Он отбросил шляпу. Показал лицо, постаревшее на десятки лет, напряг горло: вены на шее стали фиолетовыми, глаза, казалось, вылезали из орбит. Надеясь на чудо, он подумал о Боге, потом о Био. Разочарованный, он попросил память вернуть ему какую-нибудь из тех гармоний, которые в прошлом удавались ему с таким блеском. И память откликнулась на его просьбу. Ему явились ясные партитуры, которые он мог просмотреть, как дни своей жизни, и которыми мог распоряжаться. Сейчас, мысленно повторял он толпе, сейчас иду. Он привел в порядок ноты и начал воспроизводить их с тем счастьем, с каким некогда воспевал деревья, усеянные воробьями, убежденный в том, что они прекрасно его понимают. Никогда еще они не понимали меня так хорошо, сказал он себе.
Почему же в таком случае толпа боялась? И все бежали в те же деревни, из которых никогда больше не вернутся? Не в силах понять это, он смотрел, как пустеет пространство вокруг. Во дворе не осталось никого. Озираясь по сторонам, он встал, взгляд его случайно упал на зеркальце родника, и он увидел свое отражение. Он увидел, как его руки, такие тощие, что пальцы казались когтями, мелькают в воздухе, словно обезьяньи лапки.
Он общался, но жестами: отчаянными, испуганными.

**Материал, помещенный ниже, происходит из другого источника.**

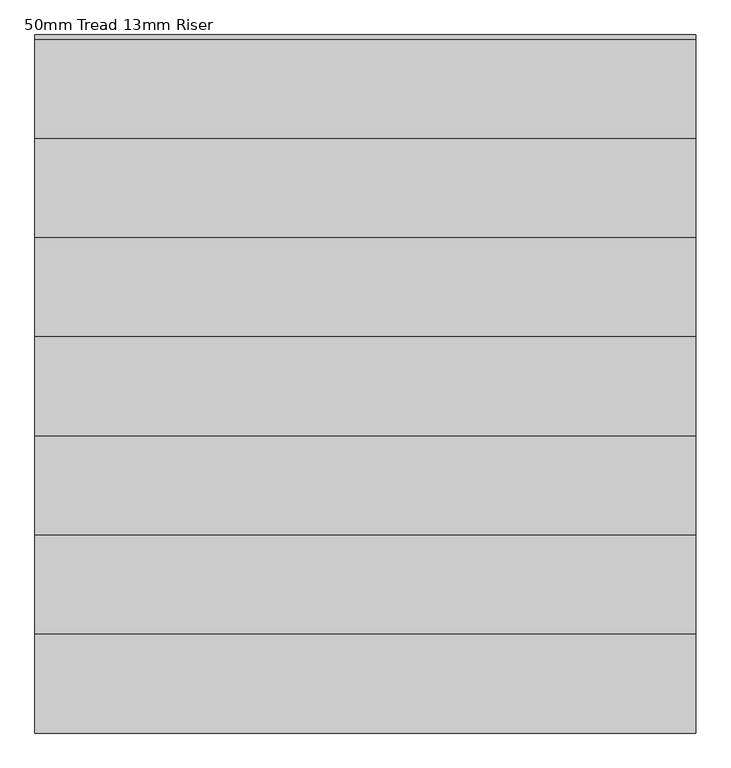
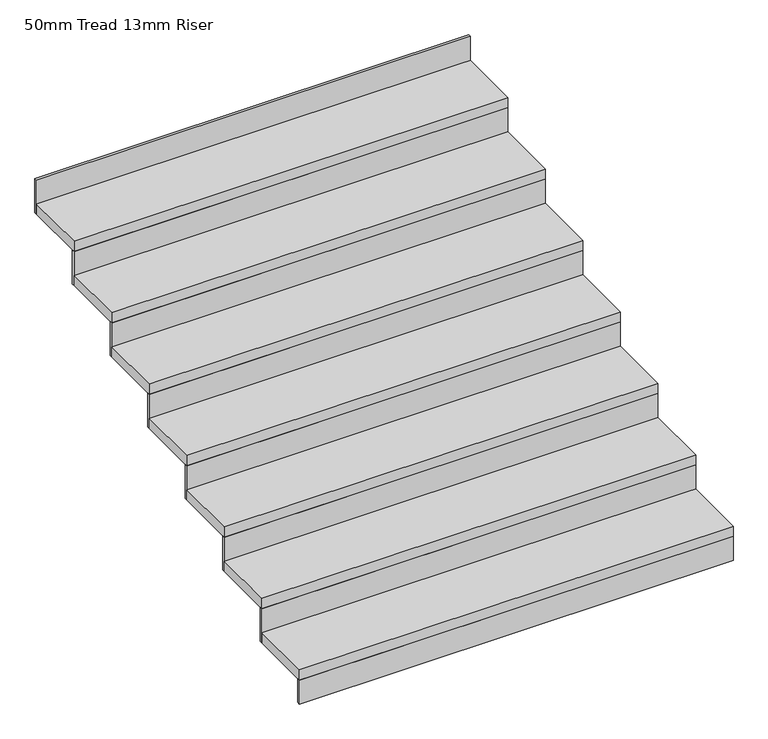
"""IFC4 building model written with IfcOpenShell, lengths in millimetres: stair flight geometry, 50mm Tread 13mm Riser."""

from ifc_helpers import new_model, si_unit, frame, origin, place, context, project, spatial, polyline, outline, extrude, source, transform, mapped, element, save


def stair_flight_50mm_tread_13mm_riser_a217ff0d(model_context):
    return source(origin(), model_context, "Body", "SweptSolid", [
        extrude(outline(polyline([(14700.0002443, 21382.4999999), (14700.0002443, 21369.9999999), (12700.0002443, 21369.9999999), (12700.0002443, 21382.4999999), (14700.0002443, 21382.4999999)])), frame((0.0, 0.0, 21000.0), z_axis=(0.0, 0.0, 1.0), x_axis=(1.0, 0.0, 0.0)), (0.0, 0.0, 1.0), 116.6666667),
        extrude(outline(polyline([(12700.0002443, 21669.9999999), (14700.0002443, 21669.9999999), (14700.0002443, 21369.9999999), (12700.0002443, 21369.9999999), (12700.0002443, 21669.9999999)])), frame((0.0, 0.0, 21116.6666667), z_axis=(0.0, 0.0, 1.0), x_axis=(1.0, 0.0, 0.0)), (0.0, 0.0, 1.0), 50.0),
        extrude(outline(polyline([(14700.0002443, 21682.4999999), (14700.0002443, 21669.9999999), (12700.0002443, 21669.9999999), (12700.0002443, 21682.4999999), (14700.0002443, 21682.4999999)])), frame((0.0, 0.0, 21116.6666667), z_axis=(0.0, 0.0, 1.0), x_axis=(1.0, 0.0, 0.0)), (0.0, 0.0, 1.0), 166.6666667),
        extrude(outline(polyline([(12700.0002443, 21969.9999999), (14700.0002443, 21969.9999999), (14700.0002443, 21669.9999999), (12700.0002443, 21669.9999999), (12700.0002443, 21969.9999999)])), frame((0.0, 0.0, 21283.3333333), z_axis=(0.0, 0.0, 1.0), x_axis=(1.0, 0.0, 0.0)), (0.0, 0.0, 1.0), 50.0),
        extrude(outline(polyline([(14700.0002443, 21982.4999999), (14700.0002443, 21969.9999999), (12700.0002443, 21969.9999999), (12700.0002443, 21982.4999999), (14700.0002443, 21982.4999999)])), frame((0.0, 0.0, 21283.3333333), z_axis=(0.0, 0.0, 1.0), x_axis=(1.0, 0.0, 0.0)), (0.0, 0.0, 1.0), 166.6666667),
        extrude(outline(polyline([(12700.0002443, 22269.9999999), (14700.0002443, 22269.9999999), (14700.0002443, 21969.9999999), (12700.0002443, 21969.9999999), (12700.0002443, 22269.9999999)])), frame((0.0, 0.0, 21450.0), z_axis=(0.0, 0.0, 1.0), x_axis=(1.0, 0.0, 0.0)), (0.0, 0.0, 1.0), 50.0),
        extrude(outline(polyline([(14700.0002443, 22282.4999999), (14700.0002443, 22269.9999999), (12700.0002443, 22269.9999999), (12700.0002443, 22282.4999999), (14700.0002443, 22282.4999999)])), frame((0.0, 0.0, 21450.0), z_axis=(0.0, 0.0, 1.0), x_axis=(1.0, 0.0, 0.0)), (0.0, 0.0, 1.0), 166.6666667),
        extrude(outline(polyline([(12700.0002443, 22569.9999999), (14700.0002443, 22569.9999999), (14700.0002443, 22269.9999999), (12700.0002443, 22269.9999999), (12700.0002443, 22569.9999999)])), frame((0.0, 0.0, 21616.6666667), z_axis=(0.0, 0.0, 1.0), x_axis=(1.0, 0.0, 0.0)), (0.0, 0.0, 1.0), 50.0),
        extrude(outline(polyline([(14700.0002443, 22582.4999999), (14700.0002443, 22569.9999999), (12700.0002443, 22569.9999999), (12700.0002443, 22582.4999999), (14700.0002443, 22582.4999999)])), frame((0.0, 0.0, 21616.6666667), z_axis=(0.0, 0.0, 1.0), x_axis=(1.0, 0.0, 0.0)), (0.0, 0.0, 1.0), 166.6666667),
        extrude(outline(polyline([(12700.0002443, 22869.9999999), (14700.0002443, 22869.9999999), (14700.0002443, 22569.9999999), (12700.0002443, 22569.9999999), (12700.0002443, 22869.9999999)])), frame((0.0, 0.0, 21783.3333333), z_axis=(0.0, 0.0, 1.0), x_axis=(1.0, 0.0, 0.0)), (0.0, 0.0, 1.0), 50.0),
        extrude(outline(polyline([(14700.0002443, 22882.4999999), (14700.0002443, 22869.9999999), (12700.0002443, 22869.9999999), (12700.0002443, 22882.4999999), (14700.0002443, 22882.4999999)])), frame((0.0, 0.0, 21783.3333333), z_axis=(0.0, 0.0, 1.0), x_axis=(1.0, 0.0, 0.0)), (0.0, 0.0, 1.0), 166.6666667),
        extrude(outline(polyline([(12700.0002443, 23169.9999999), (14700.0002443, 23169.9999999), (14700.0002443, 22869.9999999), (12700.0002443, 22869.9999999), (12700.0002443, 23169.9999999)])), frame((0.0, 0.0, 21950.0), z_axis=(0.0, 0.0, 1.0), x_axis=(1.0, 0.0, 0.0)), (0.0, 0.0, 1.0), 50.0),
        extrude(outline(polyline([(14700.0002443, 23182.4999999), (14700.0002443, 23169.9999999), (12700.0002443, 23169.9999999), (12700.0002443, 23182.4999999), (14700.0002443, 23182.4999999)])), frame((0.0, 0.0, 21950.0), z_axis=(0.0, 0.0, 1.0), x_axis=(1.0, 0.0, 0.0)), (0.0, 0.0, 1.0), 166.6666667),
        extrude(outline(polyline([(14700.0002443, 23482.4999999), (14700.0002443, 23469.9999999), (12700.0002443, 23469.9999999), (12700.0002443, 23482.4999999), (14700.0002443, 23482.4999999)])), frame((0.0, 0.0, 22116.6666667), z_axis=(0.0, 0.0, 1.0), x_axis=(1.0, 0.0, 0.0)), (0.0, 0.0, 1.0), 166.6666667),
        extrude(outline(polyline([(12700.0002443, 23469.9999999), (14700.0002443, 23469.9999999), (14700.0002443, 23169.9999999), (12700.0002443, 23169.9999999), (12700.0002443, 23469.9999999)])), frame((0.0, 0.0, 22116.6666667), z_axis=(0.0, 0.0, 1.0), x_axis=(1.0, 0.0, 0.0)), (0.0, 0.0, 1.0), 50.0),
    ])


if __name__ == "__main__":
    model = new_model("IFC4")
    model_context = context("Model", 3, world=origin())
    ifc_project = project(units=[si_unit("LENGTHUNIT", "METRE", prefix="MILLI")], contexts=[model_context])
    site = spatial("IfcSite", under=ifc_project)
    building = spatial("IfcBuilding", under=site)
    placement = place(None, origin())
    stair_flight_50mm_tread_13mm_riser_shape = stair_flight_50mm_tread_13mm_riser_a217ff0d(model_context)
    element("IfcStairFlight", 1, ObjectType="50mm Tread 13mm Riser", at=placement, inside=building, context=model_context, shape_type="MappedRepresentation", body=[
        mapped(stair_flight_50mm_tread_13mm_riser_shape, transform((0.0, 0.0, 0.0), x_axis=(1.0, 0.0, 0.0), y_axis=(0.0, 1.0, 0.0), z_axis=(0.0, 0.0, 1.0))),
    ])
    save(model, "model.ifc")

Когда-то он возил Дзелию в Парму, Реджо и другие города. Сейчас он позволял, чтобы возили его. Роль взрослого исполняла Дзелия, он же был ребенком.
Поездка в Парму заканчивалась в Остерии Вдовцов Терезы Фрески на Страда Фарина. Тот, кто потерял жену или возлюбленную, или тот, у кого их никогда не было, кто как бы родился вдовцом, мог садиться за столик: строльги предсказали, что рано или поздно в остерию войдет прекрасная женщина, чтобы выбрать одного из них, и они найдут свою половину. Но никто никогда так и не встал и не воскликнул: это она!